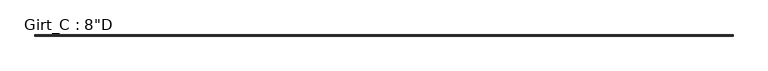
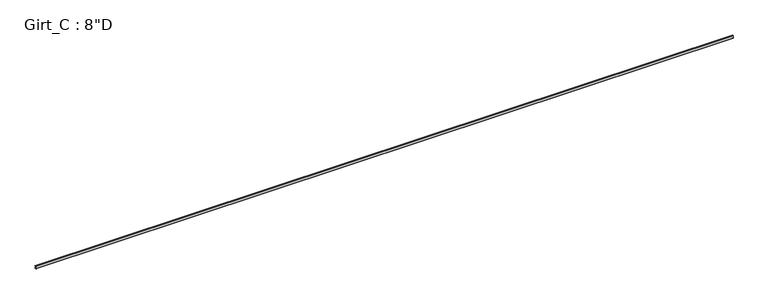
"""IFC4 building model written with IfcOpenShell, lengths in millimetres: beam geometry."""

import ifcopenshell
import ifcopenshell.guid

model = None  # the IFC model being written
_history = None  # IfcOwnerHistory: only IFC2X3 demands one
_inside = {}  # id of a spatial element -> (the spatial element, [elements in it])
_under = {}  # id of a project, library or spatial element -> (it, [spatial elements below it])
_declared = {}  # id of a project -> (the project, [libraries it declares])
_typed = {}  # id of a type object -> (the type object, [elements of that type])
_made_of = {}  # id of a material, layer set ... -> (it, [elements and type objects made of it])


def new_model(schema):
    """Start an empty IFC model of exactly this schema.

    Asked for "IFC4X3", IfcOpenShell would pick the latest addendum, in which some entities
    have other attributes; the version numbers below select the first issue.
    IFC2X3 requires an IfcOwnerHistory on every rooted entity: one is made here for all.
    """
    global model, _history
    if schema == "IFC4X3":
        model = ifcopenshell.file(schema_version=(4, 3, 0, 0))
    else:
        model = ifcopenshell.file(schema=schema)
    _inside.clear()
    _under.clear()
    _declared.clear()
    _typed.clear()
    _made_of.clear()
    _history = None
    if model.schema == "IFC2X3":
        org = make("IfcOrganization", Name="unknown")
        user = make(
            "IfcPersonAndOrganization",
            ThePerson=make("IfcPerson", FamilyName="unknown"),
            TheOrganization=org,
        )
        app = make(
            "IfcApplication",
            ApplicationDeveloper=org,
            Version="unknown",
            ApplicationFullName="unknown",
            ApplicationIdentifier="unknown",
        )
        _history = make(
            "IfcOwnerHistory",
            OwningUser=user,
            OwningApplication=app,
            ChangeAction="ADDED",
            CreationDate=0,
        )
    return model


def make(cls, **values):
    """One entity of the class cls with the attributes given. An attribute that is None is left unset."""
    return model.create_entity(
        cls, **{name: value for name, value in values.items() if value is not None}
    )


def rooted(cls, **values):
    """An entity with a GlobalId (a new one), such as an element, a storey or a relation."""
    return make(cls, GlobalId=ifcopenshell.guid.new(), OwnerHistory=_history, **values)


def si_unit(unit_type, name, prefix=None):
    """IfcSIUnit, for example si_unit("LENGTHUNIT", "METRE", prefix="MILLI")."""
    return make("IfcSIUnit", UnitType=unit_type, Prefix=prefix, Name=name)


def assignment(units):
    """IfcUnitAssignment: the units of a project."""
    return None if units is None else make("IfcUnitAssignment", Units=units)


def point(xyz):
    """IfcCartesianPoint."""
    return None if xyz is None else make("IfcCartesianPoint", Coordinates=xyz)


def direction(xyz):
    """IfcDirection."""
    return None if xyz is None else make("IfcDirection", DirectionRatios=xyz)


def frame(location, z_axis=None, x_axis=None):
    """IfcAxis2Placement3D, a coordinate frame: its origin and axes. An axis left out is left unset."""
    return make(
        "IfcAxis2Placement3D",
        Location=point(location),
        Axis=direction(z_axis),
        RefDirection=direction(x_axis),
    )


def frame_2d(location, x_axis=None):
    """IfcAxis2Placement2D, a coordinate frame in the plane: its origin and x axis."""
    return make(
        "IfcAxis2Placement2D", Location=point(location), RefDirection=direction(x_axis)
    )


def origin():
    """The frame at (0, 0, 0) with its axes left unset."""
    return frame((0.0, 0.0, 0.0))


def place(relative_to, where):
    """IfcLocalPlacement: puts the frame where relative to a parent placement (None: the world)."""
    return make(
        "IfcLocalPlacement", PlacementRelTo=relative_to, RelativePlacement=where
    )


def context(
    kind, dimensions, precision=None, world=None, true_north=None, identifier=None
):
    """IfcGeometricRepresentationContext, for example the 3D "Model" context."""
    return make(
        "IfcGeometricRepresentationContext",
        ContextIdentifier=identifier,
        ContextType=kind,
        CoordinateSpaceDimension=dimensions,
        Precision=precision,
        WorldCoordinateSystem=world,
        TrueNorth=true_north,
    )


def project(units=None, contexts=None):
    """IfcProject with its units and contexts."""
    return rooted(
        "IfcProject",
        Name="project",
        RepresentationContexts=contexts,
        UnitsInContext=assignment(units),
    )


def spatial(cls, under=None, at=None, **own):
    """A site, building, storey or space (cls), placed at a placement, below another one or the project."""
    s = rooted(cls, ObjectPlacement=at, **own)
    if under is not None:
        _under.setdefault(under.id(), (under, []))[1].append(s)
    return s


def polyline(points):
    """IfcPolyline through the points."""
    return make("IfcPolyline", Points=[point(p) for p in points])


def circle_curve(where, radius):
    """IfcCircle in the frame where."""
    return make("IfcCircle", Position=where, Radius=radius)


def trimmed(basis, trim1, trim2, sense, master):
    """IfcTrimmedCurve: the piece of a basis curve between two trims."""
    return make(
        "IfcTrimmedCurve",
        BasisCurve=basis,
        Trim1=trim1,
        Trim2=trim2,
        SenseAgreement=sense,
        MasterRepresentation=master,
    )


def segment(curve, same_sense, transition):
    """IfcCompositeCurveSegment."""
    return make(
        "IfcCompositeCurveSegment",
        Transition=transition,
        SameSense=same_sense,
        ParentCurve=curve,
    )


def composite_curve(segments, self_intersect=None):
    """IfcCompositeCurve: segments joined end to end."""
    return make("IfcCompositeCurve", Segments=segments, SelfIntersect=self_intersect)


def outline(outer, holes=None, kind="AREA"):
    """IfcArbitraryClosedProfileDef: a profile drawn as a closed curve; with holes, ...WithVoids."""
    if holes is None:
        return make("IfcArbitraryClosedProfileDef", ProfileType=kind, OuterCurve=outer)
    return make(
        "IfcArbitraryProfileDefWithVoids",
        ProfileType=kind,
        OuterCurve=outer,
        InnerCurves=holes,
    )


def extrude(swept, where, along, depth):
    """IfcExtrudedAreaSolid: the profile swept, set in the frame where, extruded along a direction by depth."""
    return make(
        "IfcExtrudedAreaSolid",
        SweptArea=swept,
        Position=where,
        ExtrudedDirection=direction(along),
        Depth=depth,
    )


def shape(context_of_items, identifier, shape_type, items):
    """IfcShapeRepresentation: the items that make up one representation, for example the "Body"."""
    return make(
        "IfcShapeRepresentation",
        ContextOfItems=context_of_items,
        RepresentationIdentifier=identifier,
        RepresentationType=shape_type,
        Items=items,
    )


def source(mapping_origin, context_of_items, identifier, shape_type, items):
    """IfcRepresentationMap: a shape defined once, which mapped items show again and again."""
    return make(
        "IfcRepresentationMap",
        MappingOrigin=mapping_origin,
        MappedRepresentation=shape(context_of_items, identifier, shape_type, items),
    )


def transform(
    local_origin,
    x_axis=None,
    y_axis=None,
    z_axis=None,
    scale=None,
    scale2=None,
    scale3=None,
    uniform=True,
):
    """IfcCartesianTransformationOperator3D, or its non-uniform kind. x_axis, y_axis, z_axis: its Axis1, 2, 3."""
    if uniform:
        return make(
            "IfcCartesianTransformationOperator3D",
            Axis1=direction(x_axis),
            Axis2=direction(y_axis),
            LocalOrigin=point(local_origin),
            Scale=scale,
            Axis3=direction(z_axis),
        )
    return make(
        "IfcCartesianTransformationOperator3DnonUniform",
        Axis1=direction(x_axis),
        Axis2=direction(y_axis),
        LocalOrigin=point(local_origin),
        Scale=scale,
        Axis3=direction(z_axis),
        Scale2=scale2,
        Scale3=scale3,
    )


def mapped(mapping_source, mapping_target):
    """IfcMappedItem: shows the shape of a source again, moved by a transform."""
    return make(
        "IfcMappedItem", MappingSource=mapping_source, MappingTarget=mapping_target
    )


def made_of(thing, what):
    """Note that an element or type object is made of a material, layer set ...; save() writes the relation."""
    if what is not None:
        _made_of.setdefault(what.id(), (what, []))[1].append(thing)
    return thing


def element(
    cls,
    number,
    at=None,
    inside=None,
    cuts=None,
    type_object=None,
    material=None,
    context=None,
    identifier="Body",
    shape_type=None,
    held_by="IfcProductDefinitionShape",
    body=None,
    shapes=None,
    **own,
):
    """One element of the class cls, such as IfcWall. Its Tag is "e" and its number.

    at: its placement. inside: the storey or other place that contains it. cuts: it is an
    opening in that element (IfcRelVoidsElement). A single representation is given by context,
    identifier, shape_type and body (its items); several are given by shapes. held_by: the class
    of the entity that holds the representations. save() writes the other relations.
    """
    e = rooted(cls, Tag="e%d" % number, ObjectPlacement=at, **own)
    if body is not None:
        shapes = [shape(context, identifier, shape_type, body)]
    if shapes is not None:
        e.Representation = make(held_by, Representations=shapes)
    if inside is not None:
        _inside.setdefault(inside.id(), (inside, []))[1].append(e)
    if cuts is not None:
        rooted(
            "IfcRelVoidsElement", RelatingBuildingElement=cuts, RelatedOpeningElement=e
        )
    if type_object is not None:
        _typed.setdefault(type_object.id(), (type_object, []))[1].append(e)
    return made_of(e, material)


def aggregate(whole, parts):
    """IfcRelAggregates: a whole, such as a stair, and the parts it consists of."""
    return rooted("IfcRelAggregates", RelatingObject=whole, RelatedObjects=parts)


def save(model, path):
    """Write the relations noted so far, then the file.

    IfcRelAggregates (storeys below a building ...), IfcRelContainedInSpatialStructure (elements
    in a storey), IfcRelDefinesByType, IfcRelAssociatesMaterial and IfcRelDeclares: one each for
    every whole, place, type object, material and project.
    """
    for whole, parts in _under.values():
        aggregate(whole, parts)
    for where, things in _inside.values():
        rooted(
            "IfcRelContainedInSpatialStructure",
            RelatedElements=things,
            RelatingStructure=where,
        )
    for kind, things in _typed.values():
        rooted("IfcRelDefinesByType", RelatedObjects=things, RelatingType=kind)
    for what, things in _made_of.values():
        rooted("IfcRelAssociatesMaterial", RelatedObjects=things, RelatingMaterial=what)
    for by, libraries in _declared.values():
        rooted("IfcRelDeclares", RelatingContext=by, RelatedDefinitions=libraries)
    model.write(path)


def beam_fa770e31(model_context):
    return source(origin(), model_context, "Body", "SweptSolid", [
        extrude(outline(composite_curve([segment(polyline([(63.5, 101.6), (75.745104, 87.0068534), (73.6169367, 85.221109), (62.204539, 98.821875), (3.3005807, 98.821875)]), True, "CONTINUOUS"), segment(trimmed(circle_curve(frame_2d((3.3741066, 96.8381931)), 1.9850441), [point((3.3005807, 98.821875))], [point((1.3890625, 96.8381931))], True, "CARTESIAN"), True, "CONTINUOUS"), segment(polyline([(1.3890625, 96.8381931), (1.3890625, -96.8389339)]), True, "CONTINUOUS"), segment(trimmed(circle_curve(frame_2d((3.3748024, -96.8389339)), 1.9857399), [point((1.3890625, -96.8389339))], [point((3.2694106, -98.821875))], True, "CARTESIAN"), True, "CONTINUOUS"), segment(polyline([(3.2694106, -98.821875), (62.204539, -98.821875), (73.6169367, -85.221109), (75.745104, -87.0068534), (63.5, -101.6), (3.3734375, -101.6)]), True, "CONTINUOUS"), segment(trimmed(circle_curve(frame_2d((3.3734375, -96.8375)), 4.7625), [point((3.3734375, -101.6))], [point((-1.3890625, -96.8375))], False, "CARTESIAN"), True, "CONTINUOUS"), segment(polyline([(-1.3890625, -96.8375), (-1.3890625, 96.8375)]), True, "CONTINUOUS"), segment(trimmed(circle_curve(frame_2d((3.3734375, 96.8375)), 4.7625), [point((-1.3890625, 96.8375))], [point((3.3734375, 101.6))], False, "CARTESIAN"), True, "CONTINUOUS"), segment(polyline([(3.3734375, 101.6), (63.5, 101.6)]), True, "CONTINUOUS")], self_intersect=False)), frame((-24463.375, 0.0, 0.0), z_axis=(1.0, 0.0, 0.0), x_axis=(0.0, 1.0, 0.0)), (0.0, 0.0, 1.0), 48926.75),
    ])


if __name__ == "__main__":
    model = new_model("IFC4")
    model_context = context("Model", 3, world=origin())
    ifc_project = project(units=[si_unit("LENGTHUNIT", "METRE", prefix="MILLI")], contexts=[model_context])
    site = spatial("IfcSite", under=ifc_project)
    building = spatial("IfcBuilding", under=site)
    placement = place(None, origin())
    beam_shape = beam_fa770e31(model_context)
    element("IfcBeam", 1, ObjectType="Girt_C : 8\"D", at=placement, inside=building, context=model_context, shape_type="MappedRepresentation", body=[
        mapped(beam_shape, transform((0.0, 0.0, 0.0), x_axis=(1.0, 0.0, 0.0), y_axis=(0.0, 1.0, 0.0), z_axis=(0.0, 0.0, 1.0))),
    ])
    save(model, "model.ifc")

# Revit data of these elements
# Type "Girt_C : 8\"D"
#   Web_Thickness = 0' - 0 7/64"
#   Length [instance default] = 10' - 0"
#   Leg_1 = 0' - 2 1/2"
#   Height = 0' - 8"
#   Structural Material [instance default] = none
# Element 1 (IfcBeam, "Girt_C : 8\"D")
#   Materials on its faces: "Steel"
# Materials
#   "Steel": class "Metal", colour RGB 118 118 114, transparency 0, Description = "Steel, mill finish", Cost = 0

◇ ◇ ◇ ◇

→ WORK TO COMPLETE:
Determine how many lines above contain the string "IfcPolyline". Give only that number.

→ RESPONSE BELOW:
2